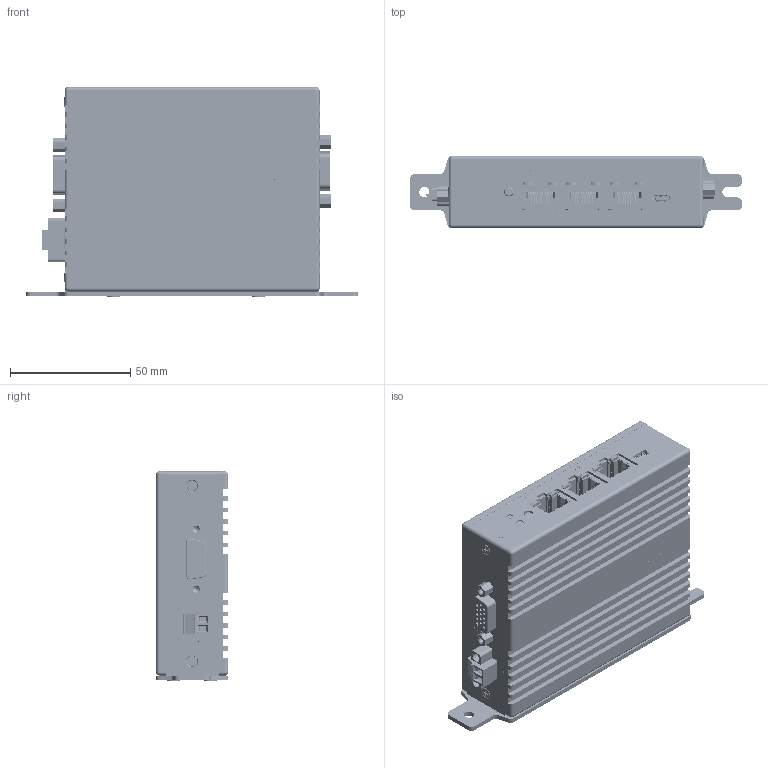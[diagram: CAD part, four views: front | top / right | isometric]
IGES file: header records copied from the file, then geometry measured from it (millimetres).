
Start section: SolidWorks IGES file using analytic representation for surfaces
Global section: file name: H:\ANaivelt\soft MC703\New folder\softMC 703_Book mount_v01.IGS; native system: SolidWorks 2010; preprocessor: SolidWorks 2010; author: Alexander.Naivelt; date: 180215.082022; units: millimetre
Bounding box: 138 x 30.06 x 87.2 mm (x, y, z)
Surface area: 97427.4 mm2 (no closed solid volume)
Topology: 0 solids, 0 shells, 6007 faces, 53645 edges, 53454 vertices
Faces by surface type: bspline 4824, revolution 1183
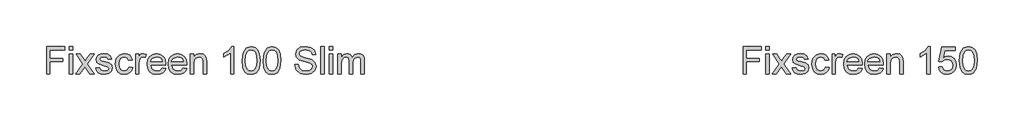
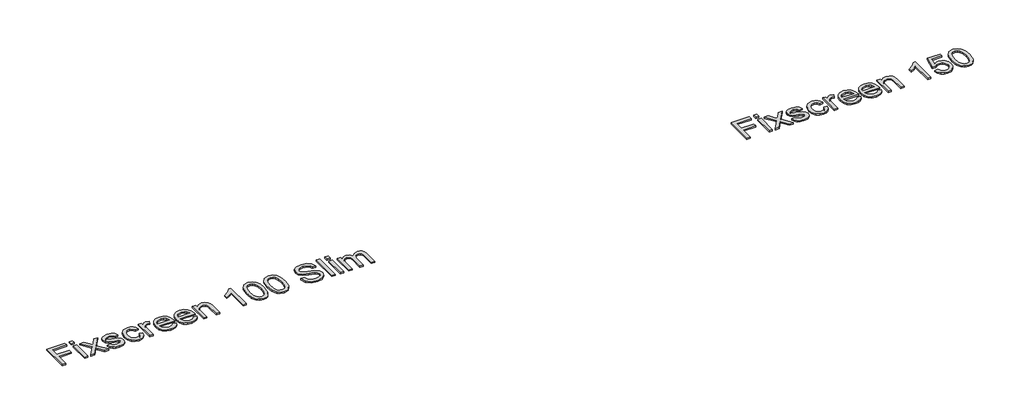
# One storey, incomplete: 2 proxies.
"""IFC4 building model written with IfcOpenShell, lengths in millimetres."""

from ifc_helpers import new_model, si_unit, origin, origin_with_axes, place, context, project, spatial, polyline, outline, extrude, element, save

model = new_model("IFC4")

# Units and contexts
model_context = context("Model", 3, world=origin())
ifc_project = project(units=[si_unit("LENGTHUNIT", "METRE", prefix="MILLI")], contexts=[model_context])

# Site, building, storey
site = spatial("IfcSite", under=ifc_project)
building = spatial("IfcBuilding", under=site)
storey = spatial("IfcBuildingStorey", under=building, Name="Fixscreen Overview Top", Elevation=0.0)

# Proxies
placement = place(None, origin())
element("IfcBuildingElementProxy", 1, Name="100mm Arial", ObjectType="100mm Arial", at=placement, inside=storey, context=model_context, shape_type="SweptSolid", body=[
    extrude(outline(polyline([(-8033.9780003, -2523.9021098), (-8033.9780003, -2423.4457997), (-7966.4839169, -2423.4457997), (-7966.4839169, -2436.0028384), (-8021.4209615, -2436.0028384), (-8021.4209615, -2465.8258055), (-7974.3320661, -2465.8258055), (-7974.3320661, -2478.3828443), (-8021.4209615, -2478.3828443), (-8021.4209615, -2523.9021098), (-8033.9780003, -2523.9021098)])), origin_with_axes(), (0.0, 0.0, 1.0), 5.0),
    extrude(outline(polyline([(-7950.7876184, -2523.9021098), (-7950.7876184, -2450.129507), (-7938.2305796, -2450.129507), (-7938.2305796, -2523.9021098), (-7950.7876184, -2523.9021098)])), origin_with_axes(), (0.0, 0.0, 1.0), 5.0),
    extrude(outline(polyline([(-7950.7876184, -2436.0028384), (-7950.7876184, -2423.4457997), (-7938.2305796, -2423.4457997), (-7938.2305796, -2436.0028384), (-7950.7876184, -2436.0028384)])), origin_with_axes(), (0.0, 0.0, 1.0), 5.0),
    extrude(outline(polyline([(-7927.2431707, -2523.9021098), (-7900.4123105, -2486.8196047), (-7925.6735409, -2450.129507), (-7910.5658536, -2450.129507), (-7898.3766968, -2467.7878428), (-7892.6867886, -2476.1265014), (-7887.7571699, -2469.3084217), (-7873.8757559, -2450.129507), (-7858.7680687, -2450.129507), (-7885.3046233, -2486.8196047), (-7859.7490873, -2523.9021098), (-7874.8567746, -2523.9021098), (-7890.234242, -2501.6084609), (-7893.0546706, -2497.5372335), (-7912.1354834, -2523.9021098), (-7927.2431707, -2523.9021098)])), origin_with_axes(), (0.0, 0.0, 1.0), 5.0),
    extrude(outline(polyline([(-7853.4705679, -2501.927292), (-7840.9135292, -2500.3576621), (-7835.1009937, -2509.6773393), (-7821.7836654, -2512.9147009), (-7808.981372, -2509.9471195), (-7804.8120427, -2502.981887), (-7809.0058975, -2497.3410298), (-7821.9308182, -2493.7603117), (-7840.8399528, -2487.6166824), (-7849.0927722, -2480.4429835), (-7851.9009381, -2470.3139659), (-7849.6445952, -2460.9575004), (-7843.4887031, -2453.808327), (-7835.5056639, -2450.0927188), (-7824.7021959, -2448.5598772), (-7809.4228304, -2451.0246866), (-7799.7107457, -2457.6956134), (-7795.3942636, -2468.9650652), (-7807.9513024, -2470.534695), (-7812.6724547, -2463.6062508), (-7823.7211773, -2461.116916), (-7835.7386558, -2463.4958862), (-7839.3438993, -2469.0386416), (-7837.8478459, -2472.6929361), (-7833.1634818, -2475.4643138), (-7822.3477512, -2478.1375896), (-7803.9168632, -2484.048227), (-7795.3574754, -2490.7436793), (-7792.255004, -2501.6575118), (-7795.8970357, -2513.6749903), (-7806.406198, -2522.3937936), (-7821.9553437, -2525.4717397), (-7834.6166157, -2523.9879489), (-7843.8565851, -2519.5365768), (-7850.0247399, -2512.1666742), (-7853.4705679, -2501.927292)])), origin_with_axes(), (0.0, 0.0, 1.0), 5.0),
    extrude(outline(polyline([(-7731.03944, -2497.2184024), (-7718.4824012, -2498.7880323), (-7721.9834115, -2509.9563165), (-7728.5623679, -2518.3961426), (-7737.6000022, -2523.7028404), (-7748.4770465, -2525.4717397), (-7761.8342286, -2523.0038646), (-7772.2790116, -2515.6002395), (-7779.0204492, -2503.5858266), (-7781.267595, -2487.2855886), (-7777.4293595, -2466.4266794), (-7765.7307121, -2453.0235121), (-7748.6487248, -2448.5598772), (-7738.0383949, -2450.0927188), (-7729.5556492, -2454.6912438), (-7723.4702679, -2462.1101974), (-7720.052031, -2472.1043249), (-7732.6090698, -2473.6739547), (-7738.4338681, -2464.2684384), (-7748.5506229, -2461.116916), (-7756.6654866, -2462.6681517), (-7763.1064872, -2467.321859), (-7767.309539, -2475.3294237), (-7768.7105563, -2486.942232), (-7767.3401958, -2498.7113902), (-7763.2291145, -2506.7465461), (-7756.9046099, -2511.3726622), (-7748.8939795, -2512.9147009), (-7737.0604419, -2509.0642027), (-7731.03944, -2497.2184024)])), origin_with_axes(), (0.0, 0.0, 1.0), 5.0),
    extrude(outline(polyline([(-7707.4949923, -2523.9021098), (-7707.4949923, -2450.129507), (-7696.5075833, -2450.129507), (-7696.5075833, -2461.0433396), (-7688.708485, -2450.9878984), (-7680.8603358, -2448.5598772), (-7668.2542461, -2452.4349009), (-7672.4481009, -2463.6920899), (-7681.2772687, -2461.116916), (-7688.3773912, -2463.5939881), (-7692.9023398, -2470.4611186), (-7694.9379535, -2485.1273475), (-7694.9379535, -2523.9021098), (-7707.4949923, -2523.9021098)])), origin_with_axes(), (0.0, 0.0, 1.0), 5.0),
    extrude(outline(polyline([(-7608.7554648, -2501.927292), (-7596.4436807, -2503.4969218), (-7600.8797244, -2512.7736795), (-7607.9583871, -2519.7082551), (-7617.5202533, -2524.0308685), (-7629.4059074, -2525.4717397), (-7644.1395813, -2522.9854705), (-7655.4764781, -2515.5266631), (-7662.7053594, -2503.5796953), (-7665.1149864, -2487.6289451), (-7662.6808339, -2471.1417003), (-7655.3783763, -2458.8115221), (-7644.1947636, -2451.1227884), (-7630.1171459, -2448.5598772), (-7616.477921, -2451.1166571), (-7605.5794169, -2458.7869967), (-7598.4333091, -2471.0926494), (-7596.0512732, -2487.5553687), (-7596.1248496, -2490.939883), (-7652.5579477, -2490.939883), (-7650.3843782, -2500.339268), (-7645.3351978, -2507.2493182), (-7638.0480686, -2511.4983552), (-7629.1606528, -2512.9147009), (-7616.8488687, -2510.290476), (-7608.7554648, -2501.927292)]), holes=[polyline([(-7652.5579477, -2478.3828443), (-7608.608312, -2478.3828443), (-7613.6360326, -2467.0030279), (-7620.9568843, -2462.588444), (-7630.1661969, -2461.116916), (-7645.6295034, -2465.8135428), (-7650.4947428, -2471.3041816), (-7652.5579477, -2478.3828443)])]), origin_with_axes(), (0.0, 0.0, 1.0), 5.0),
    extrude(outline(polyline([(-7531.8436023, -2501.927292), (-7519.5318182, -2503.4969218), (-7523.9678619, -2512.7736795), (-7531.0465246, -2519.7082551), (-7540.6083908, -2524.0308685), (-7552.494045, -2525.4717397), (-7567.2277189, -2522.9854705), (-7578.5646157, -2515.5266631), (-7585.7934969, -2503.5796953), (-7588.203124, -2487.6289451), (-7585.7689714, -2471.1417003), (-7578.4665138, -2458.8115221), (-7567.2829012, -2451.1227884), (-7553.2052835, -2448.5598772), (-7539.5660585, -2451.1166571), (-7528.6675544, -2458.7869967), (-7521.5214467, -2471.0926494), (-7519.1394107, -2487.5553687), (-7519.2129871, -2490.939883), (-7575.6460852, -2490.939883), (-7573.4725157, -2500.339268), (-7568.4233354, -2507.2493182), (-7561.1362062, -2511.4983552), (-7552.2487903, -2512.9147009), (-7539.9370062, -2510.290476), (-7531.8436023, -2501.927292)]), holes=[polyline([(-7575.6460852, -2478.3828443), (-7531.6964495, -2478.3828443), (-7536.7241701, -2467.0030279), (-7544.0450218, -2462.588444), (-7553.2543344, -2461.116916), (-7568.7176409, -2465.8135428), (-7573.5828803, -2471.3041816), (-7575.6460852, -2478.3828443)])]), origin_with_axes(), (0.0, 0.0, 1.0), 5.0),
    extrude(outline(polyline([(-7506.582372, -2523.9021098), (-7506.582372, -2450.129507), (-7494.0253332, -2450.129507), (-7494.0253332, -2460.4302029), (-7484.4236131, -2451.5274586), (-7471.3147514, -2448.5598772), (-7459.4566884, -2450.9511102), (-7451.3632845, -2457.2296296), (-7447.5986254, -2466.4634676), (-7446.9364378, -2478.6035735), (-7446.9364378, -2523.9021098), (-7459.4934766, -2523.9021098), (-7459.4934766, -2480.2958307), (-7460.9404791, -2469.1857944), (-7466.0540388, -2463.3119452), (-7474.6747402, -2461.116916), (-7488.2986368, -2466.0465347), (-7492.5936591, -2473.1895768), (-7494.0253332, -2484.7594655), (-7494.0253332, -2523.9021098), (-7506.582372, -2523.9021098)])), origin_with_axes(), (0.0, 0.0, 1.0), 5.0),
    extrude(outline(polyline([(-7346.4801277, -2523.9021098), (-7359.0371664, -2523.9021098), (-7359.0371664, -2445.6168212), (-7370.9320176, -2454.0903699), (-7384.151244, -2460.4302029), (-7384.151244, -2448.5598772), (-7365.7448815, -2436.8121788), (-7354.5735316, -2423.4457997), (-7346.4801277, -2423.4457997), (-7346.4801277, -2523.9021098)])), origin_with_axes(), (0.0, 0.0, 1.0), 5.0),
    extrude(outline(polyline([(-7316.6571606, -2474.4832951), (-7312.9660779, -2445.580033), (-7302.0031944, -2428.9149787), (-7283.6949338, -2423.4457997), (-7269.0287049, -2426.6831612), (-7258.8996873, -2436.0151012), (-7253.0135754, -2450.8775338), (-7250.7327071, -2474.4832951), (-7254.3870015, -2503.2639299), (-7265.3130968, -2519.9657725), (-7273.5444564, -2524.0952479), (-7283.6949338, -2525.4717397), (-7296.7424819, -2523.0805067), (-7306.6507703, -2515.9068078), (-7314.155563, -2498.916791), (-7316.6571606, -2474.4832951)]), holes=[polyline([(-7304.1001218, -2474.4587697), (-7302.6285938, -2494.2109671), (-7298.2140099, -2505.6429001), (-7291.6411849, -2511.0967507), (-7283.6949338, -2512.9147009), (-7275.7486827, -2511.0906193), (-7269.1758577, -2505.6183747), (-7264.7612738, -2494.1803103), (-7263.2897458, -2474.4587697), (-7264.7122229, -2455.1510963), (-7268.979654, -2443.6302585), (-7275.5402163, -2437.9096934), (-7283.8420866, -2436.0028384), (-7291.7024986, -2437.6828329), (-7298.0178062, -2442.7228162), (-7302.5795429, -2454.9610239), (-7304.1001218, -2474.4587697)])]), origin_with_axes(), (0.0, 0.0, 1.0), 5.0),
    extrude(outline(polyline([(-7239.7452981, -2474.4832951), (-7236.0542154, -2445.580033), (-7225.091332, -2428.9149787), (-7206.7830714, -2423.4457997), (-7192.1168425, -2426.6831612), (-7181.9878249, -2436.0151012), (-7176.101713, -2450.8775338), (-7173.8208446, -2474.4832951), (-7177.4751391, -2503.2639299), (-7188.4012343, -2519.9657725), (-7196.632594, -2524.0952479), (-7206.7830714, -2525.4717397), (-7219.8306195, -2523.0805067), (-7229.7389079, -2515.9068078), (-7237.2437006, -2498.916791), (-7239.7452981, -2474.4832951)]), holes=[polyline([(-7227.1882594, -2474.4587697), (-7225.7167314, -2494.2109671), (-7221.3021474, -2505.6429001), (-7214.7293225, -2511.0967507), (-7206.7830714, -2512.9147009), (-7198.8368203, -2511.0906193), (-7192.2639953, -2505.6183747), (-7187.8494113, -2494.1803103), (-7186.3778834, -2474.4587697), (-7187.8003604, -2455.1510963), (-7192.0677916, -2443.6302585), (-7198.6283538, -2437.9096934), (-7206.9302242, -2436.0028384), (-7214.7906361, -2437.6828329), (-7221.1059437, -2442.7228162), (-7225.6676804, -2454.9610239), (-7227.1882594, -2474.4587697)])]), origin_with_axes(), (0.0, 0.0, 1.0), 5.0),
    extrude(outline(polyline([(-7123.5926895, -2489.3702532), (-7111.0356508, -2489.3702532), (-7106.9889488, -2501.9395547), (-7097.1051859, -2509.8858058), (-7082.0465495, -2512.9147009), (-7068.925425, -2510.6215698), (-7060.4518764, -2504.3185249), (-7057.668236, -2495.8940272), (-7059.7529006, -2488.0581408), (-7068.2877629, -2482.3559698), (-7086.5714981, -2477.5612412), (-7106.2531848, -2471.3685609), (-7116.9340254, -2462.0243582), (-7120.4534298, -2449.5408959), (-7116.1001596, -2435.3283881), (-7103.3837053, -2425.2974724), (-7084.7688763, -2421.8761698), (-7064.9032486, -2425.4568879), (-7051.6594967, -2435.978313), (-7046.6808271, -2451.6991369), (-7059.2378658, -2451.6991369), (-7061.5432597, -2444.2066069), (-7066.3502511, -2438.7987416), (-7084.278367, -2434.4332086), (-7102.2555338, -2438.7496907), (-7107.8963911, -2449.1730139), (-7103.89874, -2457.8795544), (-7083.3954502, -2464.8938378), (-7061.1753777, -2471.1968826), (-7049.0230091, -2481.3749512), (-7045.1111972, -2495.5751962), (-7049.6116203, -2510.5970443), (-7062.5610665, -2521.5599278), (-7081.5560402, -2525.4717397), (-7103.9845792, -2521.2533595), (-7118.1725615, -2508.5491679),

* [The problem]:
Print only the lines from the opening line of the listing to the line containing "Start section: SolidWorks", inclusive, exactly as they appear and without pictures.

* [Solution to the problem]:
[diagram: CAD part, four views: front | top / right | isometric]
IGES file: header records copied from the file, then geometry measured from it (millimetres).
Start section: SolidWorks IGES file using analytic representation for surfaces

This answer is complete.